La delegada del Área de Obras y Equipamientos, Paloma García Romero, lo confirmó durante una visita institucional a la plaza de Jacinto Benavente: no hay «ninguna noticia» por parte de la institución, a pesar de que el Consistorio lleva semanas esperando una respuesta formal.
García Romero recordó que a finales de julio el Ayuntamiento pidió a Casa Árabe que convocara a su Consejo rector para tomar las decisiones necesarias de cara al traslado. Sin embargo, hasta la fecha no consta que dicha reunión se haya celebrado.
La situación pone al Consistorio madrileño ante un escenario incómodo. Si Casa Árabe no entrega el edificio en el plazo acordado, el Ayuntamiento tendrá que estudiar tanto el estado físico del inmueble como las posibles vías jurídicas para recuperarlo. García Romero no descartó «ningún tipo de actuación» ante una eventual negativa a abandonar las instalaciones, aunque confió en que finalmente se cumpla la voluntad municipal.
El alcalde José Luis Martínez-Almeida había dejado clara su postura semanas atrás, cuando se reunió con el Consejo de Embajadores Árabes en el Palacio de Cibeles.
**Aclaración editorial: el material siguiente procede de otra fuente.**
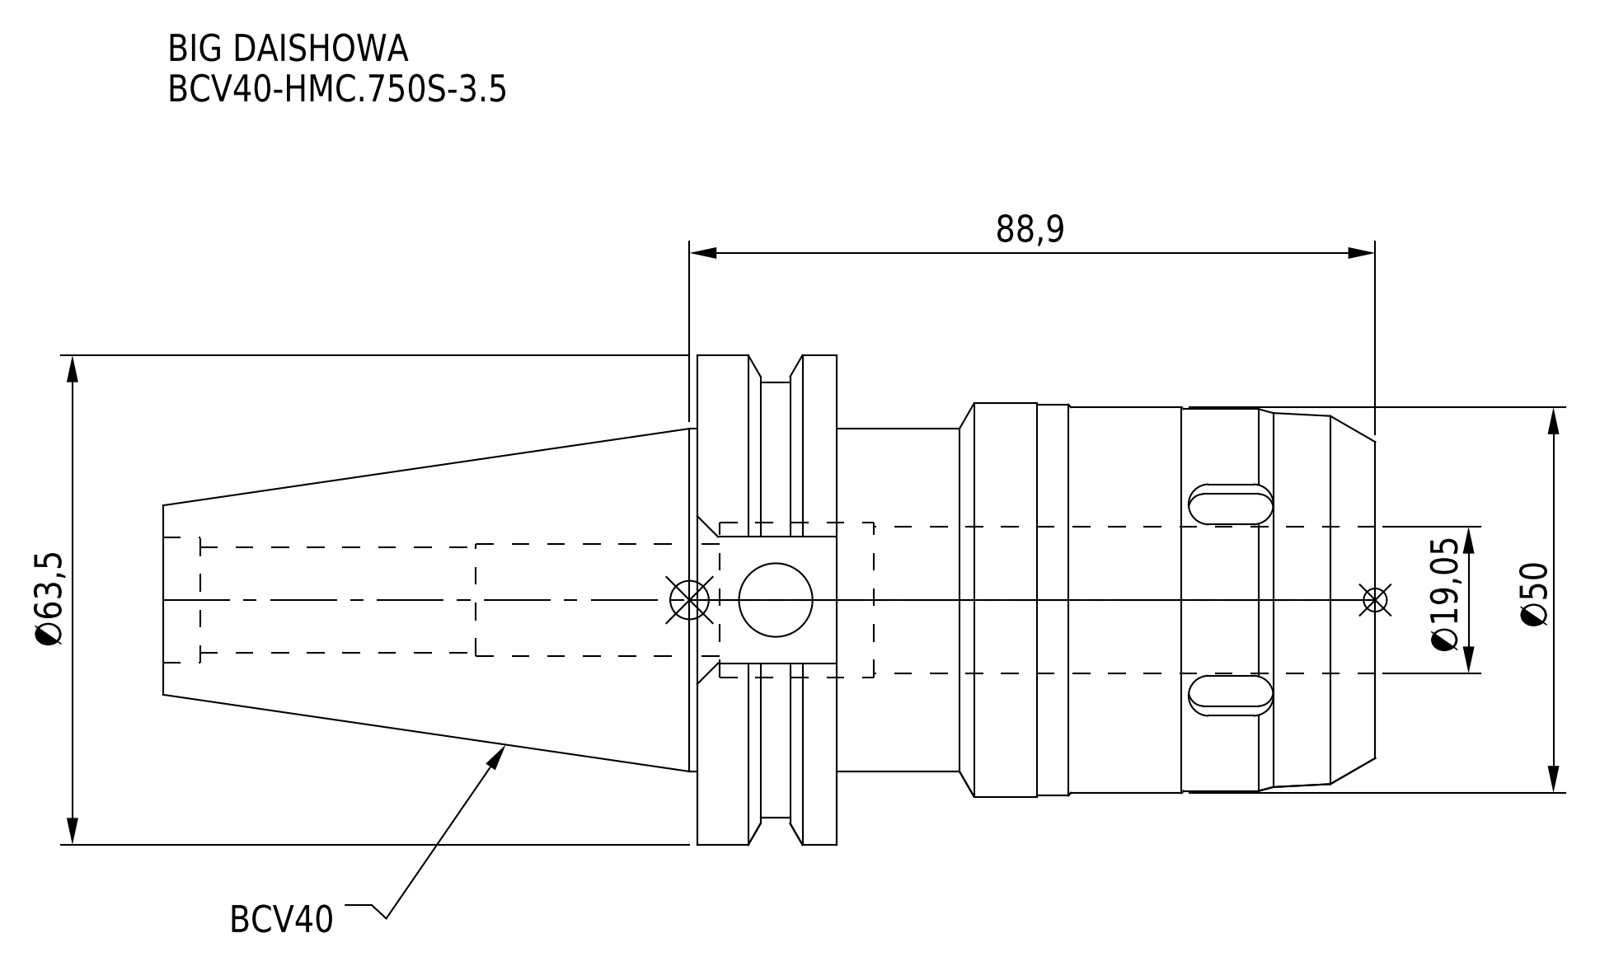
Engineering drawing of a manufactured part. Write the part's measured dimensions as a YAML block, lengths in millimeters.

En ese encuentro subrayó que la recuperación del edificio no supone ningún gesto en contra del mundo árabe, sino una «obligación de preservación patrimonial y de responsabilidad con los ciudadanos de Madrid».
Almeida también señaló que la crisis interna de Casa Árabe fue provocada por una «gestión irresponsable» impulsada desde el Ministerio de Asuntos Exteriores, y no por el Ayuntamiento, que asegura haber sido el primero en denunciar la situación y exigir correcciones.
El destino previsto para el edificio de las Escuelas Aguirre, una vez desalojado, es su rehabilitación para uso municipal, lo que supone devolverlo al servicio directo de los vecinos de la ciudad.
El debate en el Pleno de Cibeles ya ha enfrentado a PP y oposición por este asunto, con los grupos contrarios alertando del posible impacto en la imagen internacional de Madrid si el desalojo se lleva a cabo de forma forzosa.
La ciudad espera ahora los próximos movimientos de una institución que, de momento, guarda silencio.